• Task details
Without any pictures, print exactly the lines that run from the start of the data through the line containing "Entity records: 98043".

▼

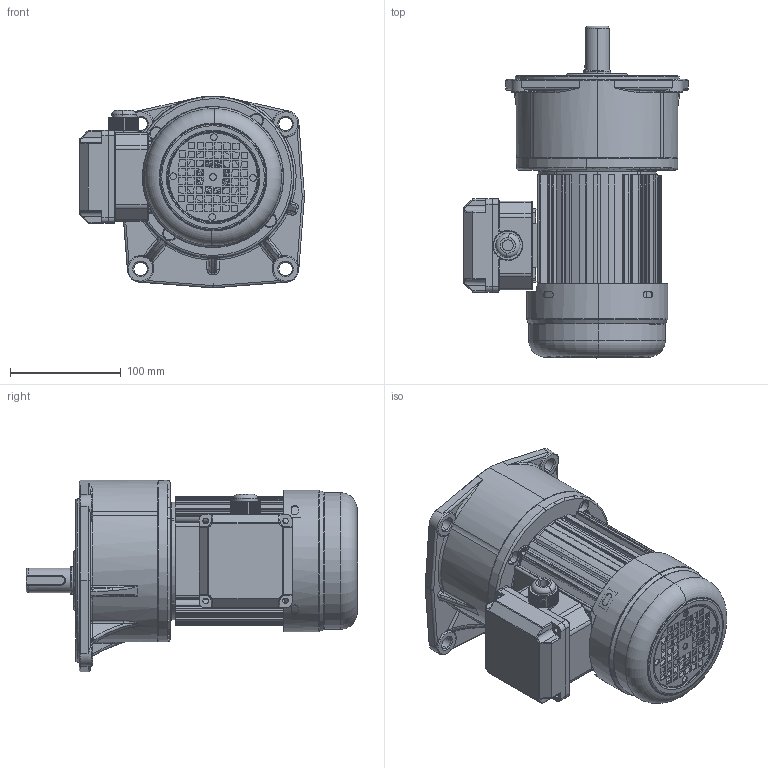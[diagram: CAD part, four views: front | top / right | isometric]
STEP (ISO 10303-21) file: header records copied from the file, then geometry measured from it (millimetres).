
FILE_DESCRIPTION (( 'STEP AP203' ), '1' );
FILE_NAME ('100W饜2#湍价陬蕾宒.STEP', '2020-04-17T02:22:23', ( '' ), ( '' ), 'SwSTEP 2.0', 'SolidWorks 2019', '' );
FILE_SCHEMA (( 'CONFIG_CONTROL_DESIGN' ));
Length unit declared in the file: millimetre
Products named in the file (8): 蜊輛綴諉盄碟釱3; 2#蕾宒熬厒ん; 諉芛; 100W棠憤迖殤; 100W饜2#蕾宒; 湍价陬諉盄碟裔; 100W饜2#湍价陬蕾宒; 100W价陬瑞欶
Assembly tree (7 placements, depth 2):
  100W饜2#湍价陬蕾宒
    100W饜2#蕾宒
    2#蕾宒熬厒ん
    100W棠憤迖殤
    100W价陬瑞欶
    蜊輛綴諉盄碟釱3
    諉芛
    湍价陬諉盄碟裔
Bounding box: 202.98 x 299.5 x 172.99 mm (x, y, z)
Volume: 1915910.9 mm3; surface area: 450041.8 mm2
Topology: 8 solids, 8 shells, 2379 faces, 6182 edges, 3836 vertices
Faces by surface type: cylinder 758, plane 750, bspline 393, torus 266, cone 156, sphere 56
Entity records: 98043 total; most frequent: CARTESIAN_POINT 41619, ORIENTED_EDGE 12250, DIRECTION 10953, EDGE_CURVE 6125, AXIS2_PLACEMENT_3D 4198, VERTEX_POINT 3840, EDGE_LOOP 2651, LINE 2557
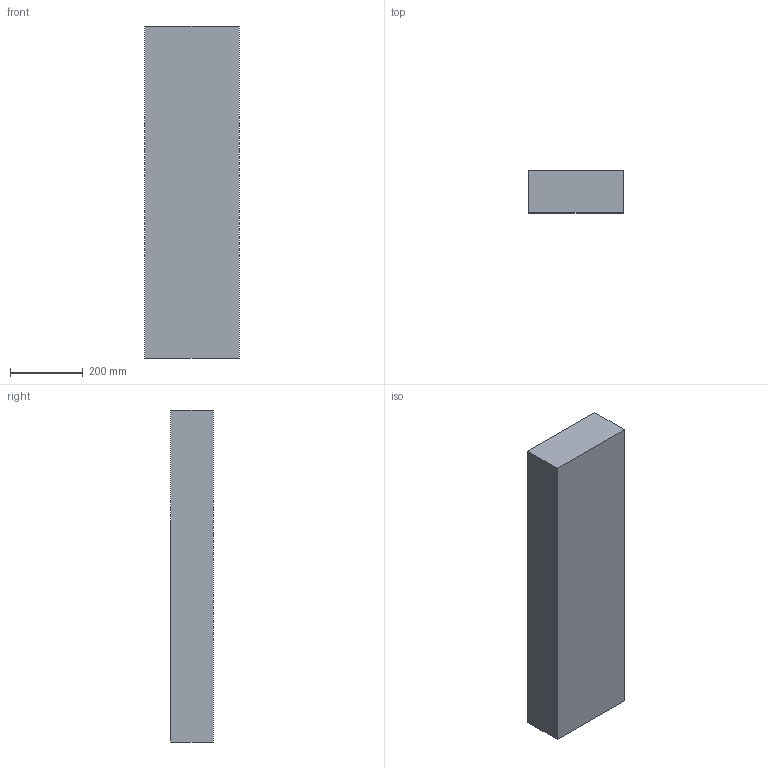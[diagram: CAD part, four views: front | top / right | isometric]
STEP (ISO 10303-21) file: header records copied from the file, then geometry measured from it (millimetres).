
FILE_DESCRIPTION (( 'STEP AP203' ), '1' );
FILE_NAME ('RF2-90-C.STEP', '2024-03-25T11:09:29', ( '' ), ( '' ), 'SwSTEP 2.0', 'SolidWorks 2021', '' );
FILE_SCHEMA (( 'CONFIG_CONTROL_DESIGN' ));
Length unit declared in the file: millimetre
Products named in the file (1): RF2-90-C
Bounding box: 260 x 116 x 910 mm (x, y, z)
Volume: 27380000.2 mm3; surface area: 759361.4 mm2
Topology: 1 solids, 1 shells, 94 faces, 243 edges, 162 vertices
Faces by surface type: plane 58, bspline 36
Entity records: 5084 total; most frequent: CARTESIAN_POINT 2952, ORIENTED_EDGE 486, DIRECTION 289, EDGE_CURVE 243, VECTOR 171, LINE 171, VERTEX_POINT 162, EDGE_LOOP 105
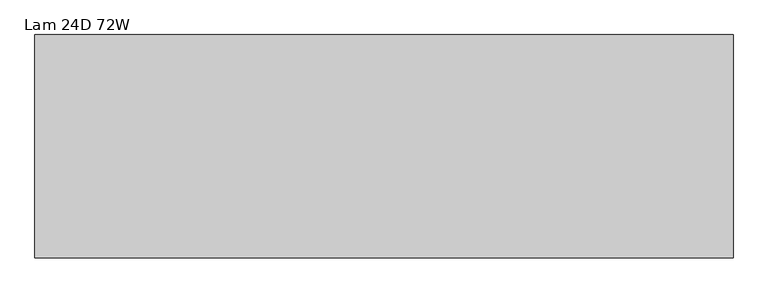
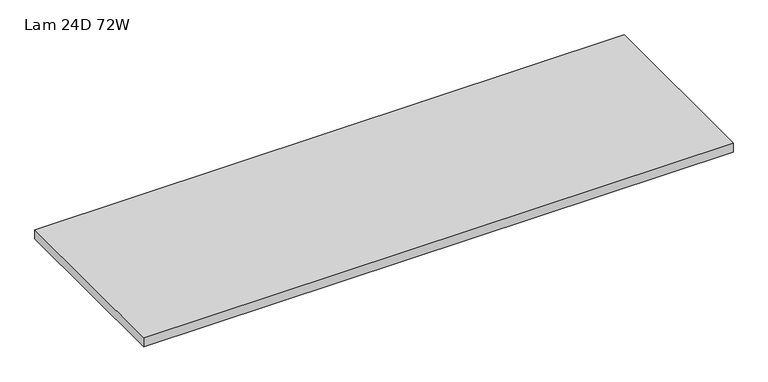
"""IFC4 building model written with IfcOpenShell, lengths in millimetres: furniture geometry, HermanMiller_Ethospace_EWS10_F_Sq-EdgeRectangularSurface_FrameAttached : Lam 24D 72W."""

from ifc_helpers import new_model, si_unit, frame, origin, place, context, project, spatial, polyline, outline, extrude, source, transform, mapped, element, save


def lam_24d_72w_2bc73c4e(model_context):
    return source(origin(), model_context, "Body", "SweptSolid", [
        extrude(outline(polyline([(1363.1275996, 174.6914812), (-462.6244004, 174.6914812), (-462.6244004, 758.8914812), (1363.1275996, 758.8914812), (1363.1275996, 174.6914812)])), frame((0.0, 0.0, 706.7296), z_axis=(0.0, 0.0, 1.0), x_axis=(1.0, 0.0, 0.0)), (0.0, 0.0, 1.0), 29.8704),
    ])


if __name__ == "__main__":
    model = new_model("IFC4")
    model_context = context("Model", 3, world=origin())
    ifc_project = project(units=[si_unit("LENGTHUNIT", "METRE", prefix="MILLI")], contexts=[model_context])
    site = spatial("IfcSite", under=ifc_project)
    building = spatial("IfcBuilding", under=site)
    placement = place(None, origin())
    lam_24d_72w_shape = lam_24d_72w_2bc73c4e(model_context)
    element("IfcFurniture", 1, ObjectType="HermanMiller_Ethospace_EWS10_F_Sq-EdgeRectangularSurface_FrameAttached : Lam 24D 72W", at=placement, inside=building, context=model_context, shape_type="MappedRepresentation", body=[
        mapped(lam_24d_72w_shape, transform((0.0, 0.0, 0.0), x_axis=(1.0, 0.0, 0.0), y_axis=(0.0, 1.0, 0.0), z_axis=(0.0, 0.0, 1.0))),
    ])
    save(model, "model.ifc")
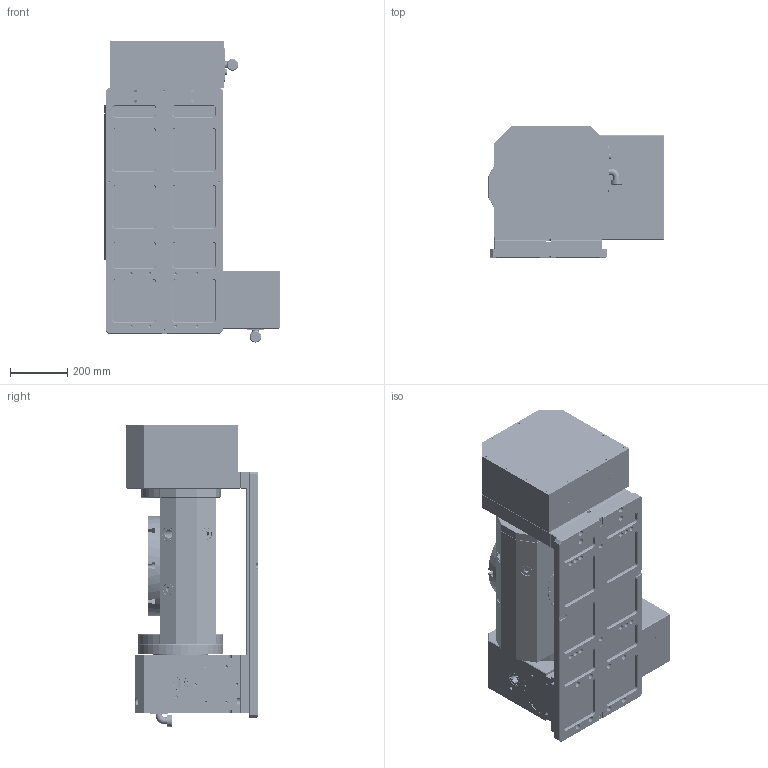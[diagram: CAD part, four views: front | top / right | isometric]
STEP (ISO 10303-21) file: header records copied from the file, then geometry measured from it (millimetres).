
FILE_DESCRIPTION (( 'STEP AP203' ), '1' );
FILE_NAME ('WDS-RT350 軞蚾饜芞 REV.01.STEP', '2022-09-21T05:39:51', ( '' ), ( '' ), 'SwSTEP 2.0', 'SolidWorks 2021', '' );
FILE_SCHEMA (( 'CONFIG_CONTROL_DESIGN' ));
Length unit declared in the file: millimetre
Products named in the file (1): WDS-RT350 軞蚾饜芞 REV.01
Bounding box: 615.5 x 460 x 1056.5 mm (x, y, z)
Volume: 78212751.1 mm3; surface area: 6551569.7 mm2
Topology: 23 solids, 41 shells, 4319 faces, 10442 edges, 6141 vertices
Faces by surface type: cylinder 2038, cone 1096, plane 1035, torus 134, bspline 16
Entity records: 126164 total; most frequent: CARTESIAN_POINT 24386, DIRECTION 22945, ORIENTED_EDGE 19560, EDGE_CURVE 9780, AXIS2_PLACEMENT_3D 9090, VERTEX_POINT 6141, EDGE_LOOP 5481, CIRCLE 4786
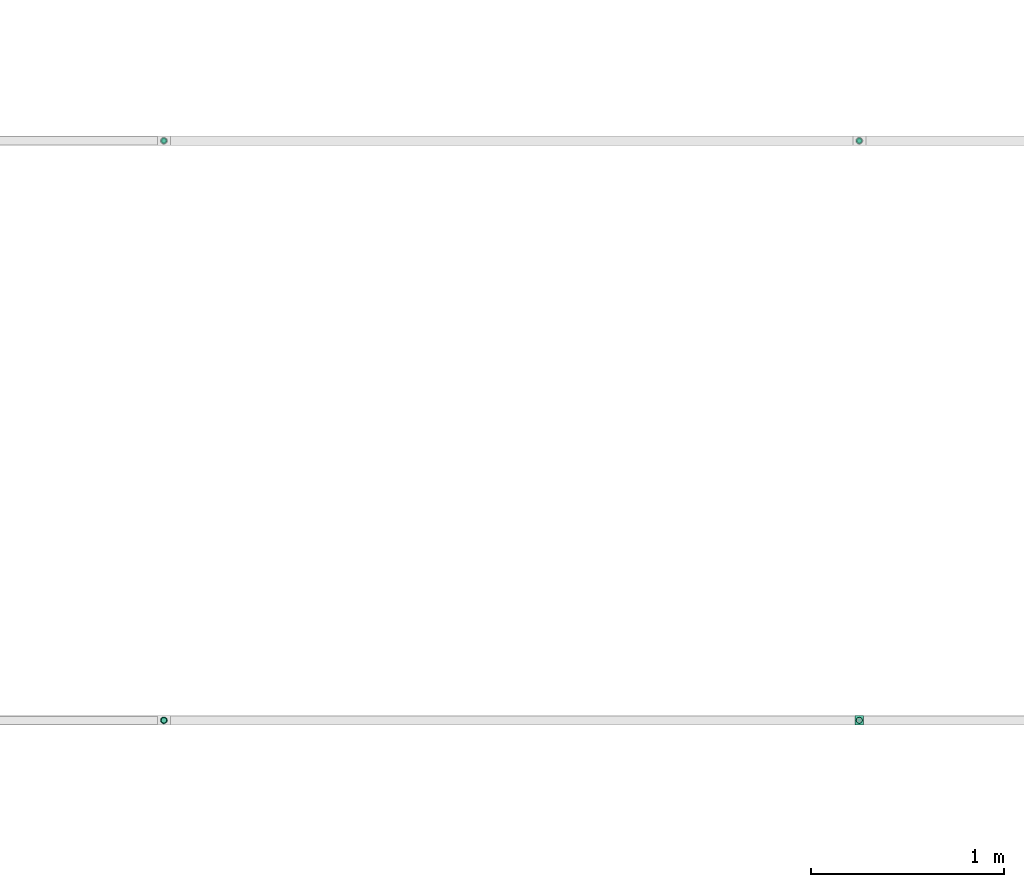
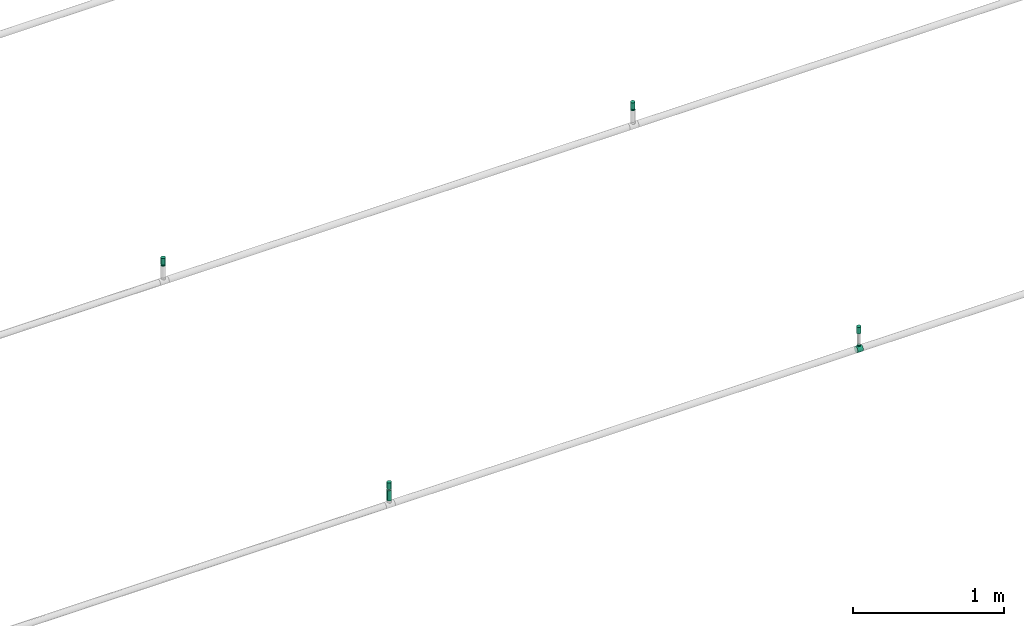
# One storey, part 9 of 14: 4 flow terminals, 3 flow fittings, 1 flow segment.
"""IFC2X3 building model written with IfcOpenShell, lengths in millimetres."""

import ifcopenshell
import ifcopenshell.guid

model = None  # the IFC model being written
_history = None  # IfcOwnerHistory: only IFC2X3 demands one
_inside = {}  # id of a spatial element -> (the spatial element, [elements in it])
_under = {}  # id of a project, library or spatial element -> (it, [spatial elements below it])
_declared = {}  # id of a project -> (the project, [libraries it declares])
_typed = {}  # id of a type object -> (the type object, [elements of that type])
_made_of = {}  # id of a material, layer set ... -> (it, [elements and type objects made of it])


def new_model(schema):
    """Start an empty IFC model of exactly this schema.

    Asked for "IFC4X3", IfcOpenShell would pick the latest addendum, in which some entities
    have other attributes; the version numbers below select the first issue.
    IFC2X3 requires an IfcOwnerHistory on every rooted entity: one is made here for all.
    """
    global model, _history
    if schema == "IFC4X3":
        model = ifcopenshell.file(schema_version=(4, 3, 0, 0))
    else:
        model = ifcopenshell.file(schema=schema)
    _inside.clear()
    _under.clear()
    _declared.clear()
    _typed.clear()
    _made_of.clear()
    _history = None
    if model.schema == "IFC2X3":
        org = make("IfcOrganization", Name="unknown")
        user = make(
            "IfcPersonAndOrganization",
            ThePerson=make("IfcPerson", FamilyName="unknown"),
            TheOrganization=org,
        )
        app = make(
            "IfcApplication",
            ApplicationDeveloper=org,
            Version="unknown",
            ApplicationFullName="unknown",
            ApplicationIdentifier="unknown",
        )
        _history = make(
            "IfcOwnerHistory",
            OwningUser=user,
            OwningApplication=app,
            ChangeAction="ADDED",
            CreationDate=0,
        )
    return model


def make(cls, **values):
    """One entity of the class cls with the attributes given. An attribute that is None is left unset."""
    return model.create_entity(
        cls, **{name: value for name, value in values.items() if value is not None}
    )


def entity(cls, *values):
    """Any entity or typed value of the class cls, its attributes in the order of the schema. None: left unset."""
    e = model.create_entity(cls)
    for i, value in enumerate(values):
        if value is not None:
            e[i] = value
    return e


def rooted(cls, **values):
    """An entity with a GlobalId (a new one), such as an element, a storey or a relation."""
    return make(cls, GlobalId=ifcopenshell.guid.new(), OwnerHistory=_history, **values)


def si_unit(unit_type, name, prefix=None):
    """IfcSIUnit, for example si_unit("LENGTHUNIT", "METRE", prefix="MILLI")."""
    return make("IfcSIUnit", UnitType=unit_type, Prefix=prefix, Name=name)


def converted_unit(unit_type, name, factor, base, dimensions=None, offset=None):
    """IfcConversionBasedUnit, such as the inch: factor (a typed value) times the base unit."""
    return make(
        "IfcConversionBasedUnit"
        if offset is None
        else "IfcConversionBasedUnitWithOffset",
        ConversionOffset=offset,
        Dimensions=None
        if dimensions is None
        else entity("IfcDimensionalExponents", *dimensions),
        UnitType=unit_type,
        Name=name,
        ConversionFactor=make(
            "IfcMeasureWithUnit", ValueComponent=factor, UnitComponent=base
        ),
    )


def derived_unit(unit_type, elements):
    """IfcDerivedUnit: a product of units, each with its exponent."""
    return make(
        "IfcDerivedUnit",
        Elements=[
            make("IfcDerivedUnitElement", Unit=unit, Exponent=power)
            for unit, power in elements
        ],
        UnitType=unit_type,
    )


def assignment(units):
    """IfcUnitAssignment: the units of a project."""
    return None if units is None else make("IfcUnitAssignment", Units=units)


def point(xyz):
    """IfcCartesianPoint."""
    return None if xyz is None else make("IfcCartesianPoint", Coordinates=xyz)


def direction(xyz):
    """IfcDirection."""
    return None if xyz is None else make("IfcDirection", DirectionRatios=xyz)


def frame(location, z_axis=None, x_axis=None):
    """IfcAxis2Placement3D, a coordinate frame: its origin and axes. An axis left out is left unset."""
    return make(
        "IfcAxis2Placement3D",
        Location=point(location),
        Axis=direction(z_axis),
        RefDirection=direction(x_axis),
    )


def frame_2d(location, x_axis=None):
    """IfcAxis2Placement2D, a coordinate frame in the plane: its origin and x axis."""
    return make(
        "IfcAxis2Placement2D", Location=point(location), RefDirection=direction(x_axis)
    )


def origin_with_axes():
    """The frame at (0, 0, 0) with the z axis (0, 0, 1) and the x axis (1, 0, 0) written out."""
    return frame((0.0, 0.0, 0.0), z_axis=(0.0, 0.0, 1.0), x_axis=(1.0, 0.0, 0.0))


def origin_2d_with_axis():
    """The frame at (0, 0) in the plane with the x axis (1, 0) written out."""
    return frame_2d((0.0, 0.0), x_axis=(1.0, 0.0))


def place(relative_to, where):
    """IfcLocalPlacement: puts the frame where relative to a parent placement (None: the world)."""
    return make(
        "IfcLocalPlacement", PlacementRelTo=relative_to, RelativePlacement=where
    )


def context(
    kind, dimensions, precision=None, world=None, true_north=None, identifier=None
):
    """IfcGeometricRepresentationContext, for example the 3D "Model" context."""
    return make(
        "IfcGeometricRepresentationContext",
        ContextIdentifier=identifier,
        ContextType=kind,
        CoordinateSpaceDimension=dimensions,
        Precision=precision,
        WorldCoordinateSystem=world,
        TrueNorth=true_north,
    )


def subcontext(parent, identifier, kind, view, scale=None):
    """IfcGeometricRepresentationSubContext, for example "Body" below "Model"."""
    return make(
        "IfcGeometricRepresentationSubContext",
        ContextIdentifier=identifier,
        ContextType=kind,
        ParentContext=parent,
        TargetScale=scale,
        TargetView=view,
    )


def project(units=None, contexts=None):
    """IfcProject with its units and contexts."""
    return rooted(
        "IfcProject",
        Name="project",
        RepresentationContexts=contexts,
        UnitsInContext=assignment(units),
    )


def spatial(cls, under=None, at=None, **own):
    """A site, building, storey or space (cls), placed at a placement, below another one or the project."""
    s = rooted(cls, ObjectPlacement=at, **own)
    if under is not None:
        _under.setdefault(under.id(), (under, []))[1].append(s)
    return s


def profile(cls, at=None, kind="AREA", **sizes):
    """A parametric profile (cls). Its sizes go by their IFC names, for example OverallWidth=200.0."""
    return make(cls, ProfileType=kind, Position=at, **sizes)


def hollow_circle(**sizes):
    """IfcCircleHollowProfileDef."""
    return profile("IfcCircleHollowProfileDef", **sizes)


def extrude(swept, where, along, depth):
    """IfcExtrudedAreaSolid: the profile swept, set in the frame where, extruded along a direction by depth."""
    return make(
        "IfcExtrudedAreaSolid",
        SweptArea=swept,
        Position=where,
        ExtrudedDirection=direction(along),
        Depth=depth,
    )


def faces_of(points, faces, orient=None, outer=None):
    """IfcFace entities. A face is a list of loops; a loop is a list of indices into points, from 0.

    orient and outer hold one flag for each loop. By default every Orientation is true, the
    first loop of a face is its IfcFaceOuterBound and the others are IfcFaceBound.
    """
    made = []
    for i, loops in enumerate(faces):
        bounds = []
        for j, loop in enumerate(loops):
            is_outer = j == 0 if outer is None else outer[i][j]
            bounds.append(
                make(
                    "IfcFaceOuterBound" if is_outer else "IfcFaceBound",
                    Bound=make("IfcPolyLoop", Polygon=[points[k] for k in loop]),
                    Orientation=True if orient is None else orient[i][j],
                )
            )
        made.append(make("IfcFace", Bounds=bounds))
    return made


def open_shell(faces, orient=None, outer=None):
    """The faces of one IfcOpenShell. surface_model builds it on its shared points."""
    return ("IfcOpenShell", faces, orient, outer)


def surface_model(cls, points, shells):
    """IfcFaceBasedSurfaceModel or IfcShellBasedSurfaceModel (cls): surfaces that need not close."""
    shared = [point(p) for p in points]
    made = [make(c, CfsFaces=faces_of(shared, fs, o, b)) for c, fs, o, b in shells]
    if cls == "IfcFaceBasedSurfaceModel":
        return make(cls, FbsmFaces=made)
    return make(cls, SbsmBoundary=made)


def shape(context_of_items, identifier, shape_type, items):
    """IfcShapeRepresentation: the items that make up one representation, for example the "Body"."""
    return make(
        "IfcShapeRepresentation",
        ContextOfItems=context_of_items,
        RepresentationIdentifier=identifier,
        RepresentationType=shape_type,
        Items=items,
    )


def source(mapping_origin, context_of_items, identifier, shape_type, items):
    """IfcRepresentationMap: a shape defined once, which mapped items show again and again."""
    return make(
        "IfcRepresentationMap",
        MappingOrigin=mapping_origin,
        MappedRepresentation=shape(context_of_items, identifier, shape_type, items),
    )


def transform(
    local_origin,
    x_axis=None,
    y_axis=None,
    z_axis=None,
    scale=None,
    scale2=None,
    scale3=None,
    uniform=True,
):
    """IfcCartesianTransformationOperator3D, or its non-uniform kind. x_axis, y_axis, z_axis: its Axis1, 2, 3."""
    if uniform:
        return make(
            "IfcCartesianTransformationOperator3D",
            Axis1=direction(x_axis),
            Axis2=direction(y_axis),
            LocalOrigin=point(local_origin),
            Scale=scale,
            Axis3=direction(z_axis),
        )
    return make(
        "IfcCartesianTransformationOperator3DnonUniform",
        Axis1=direction(x_axis),
        Axis2=direction(y_axis),
        LocalOrigin=point(local_origin),
        Scale=scale,
        Axis3=direction(z_axis),
        Scale2=scale2,
        Scale3=scale3,
    )


def mapped(mapping_source, mapping_target):
    """IfcMappedItem: shows the shape of a source again, moved by a transform."""
    return make(
        "IfcMappedItem", MappingSource=mapping_source, MappingTarget=mapping_target
    )


def made_of(thing, what):
    """Note that an element or type object is made of a material, layer set ...; save() writes the relation."""
    if what is not None:
        _made_of.setdefault(what.id(), (what, []))[1].append(thing)
    return thing


def type_object(cls, material=None, **own):
    """A type object (cls), such as IfcWallType, which elements share."""
    return made_of(rooted(cls, **own), material)


def element(
    cls,
    number,
    at=None,
    inside=None,
    cuts=None,
    type_object=None,
    material=None,
    context=None,
    identifier="Body",
    shape_type=None,
    held_by="IfcProductDefinitionShape",
    body=None,
    shapes=None,
    **own,
):
    """One element of the class cls, such as IfcWall. Its Tag is "e" and its number.

    at: its placement. inside: the storey or other place that contains it. cuts: it is an
    opening in that element (IfcRelVoidsElement). A single representation is given by context,
    identifier, shape_type and body (its items); several are given by shapes. held_by: the class
    of the entity that holds the representations. save() writes the other relations.
    """
    e = rooted(cls, Tag="e%d" % number, ObjectPlacement=at, **own)
    if body is not None:
        shapes = [shape(context, identifier, shape_type, body)]
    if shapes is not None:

▲

• Answer box
[diagram: CAD part, four views: front | top / right | isometric]
STEP (ISO 10303-21) file: header records copied from the file, then geometry measured from it (millimetres).
FILE_DESCRIPTION (( 'STEP AP203' ), '1' );
FILE_NAME ('100W饜2#湍价陬蕾宒.STEP', '2020-04-17T02:22:23', ( '' ), ( '' ), 'SwSTEP 2.0', 'SolidWorks 2019', '' );
FILE_SCHEMA (( 'CONFIG_CONTROL_DESIGN' ));
Length unit declared in the file: millimetre
Products named in the file (8): 蜊輛綴諉盄碟釱3; 2#蕾宒熬厒ん; 諉芛; 100W棠憤迖殤; 100W饜2#蕾宒; 湍价陬諉盄碟裔; 100W饜2#湍价陬蕾宒; 100W价陬瑞欶
Assembly tree (7 placements, depth 2):
  100W饜2#湍价陬蕾宒
    100W饜2#蕾宒
    2#蕾宒熬厒ん
    100W棠憤迖殤
    100W价陬瑞欶
    蜊輛綴諉盄碟釱3
    諉芛
    湍价陬諉盄碟裔
Bounding box: 202.98 x 299.5 x 172.99 mm (x, y, z)
Volume: 1915910.9 mm3; surface area: 450041.8 mm2
Topology: 8 solids, 8 shells, 2379 faces, 6182 edges, 3836 vertices
Faces by surface type: cylinder 758, plane 750, bspline 393, torus 266, cone 156, sphere 56
Entity records: 98043 total; most frequent: CARTESIAN_POINT 41619, ORIENTED_EDGE 12250, DIRECTION 10953, EDGE_CURVE 6125, AXIS2_PLACEMENT_3D 4198, VERTEX_POINT 3840, EDGE_LOOP 2651, LINE 2557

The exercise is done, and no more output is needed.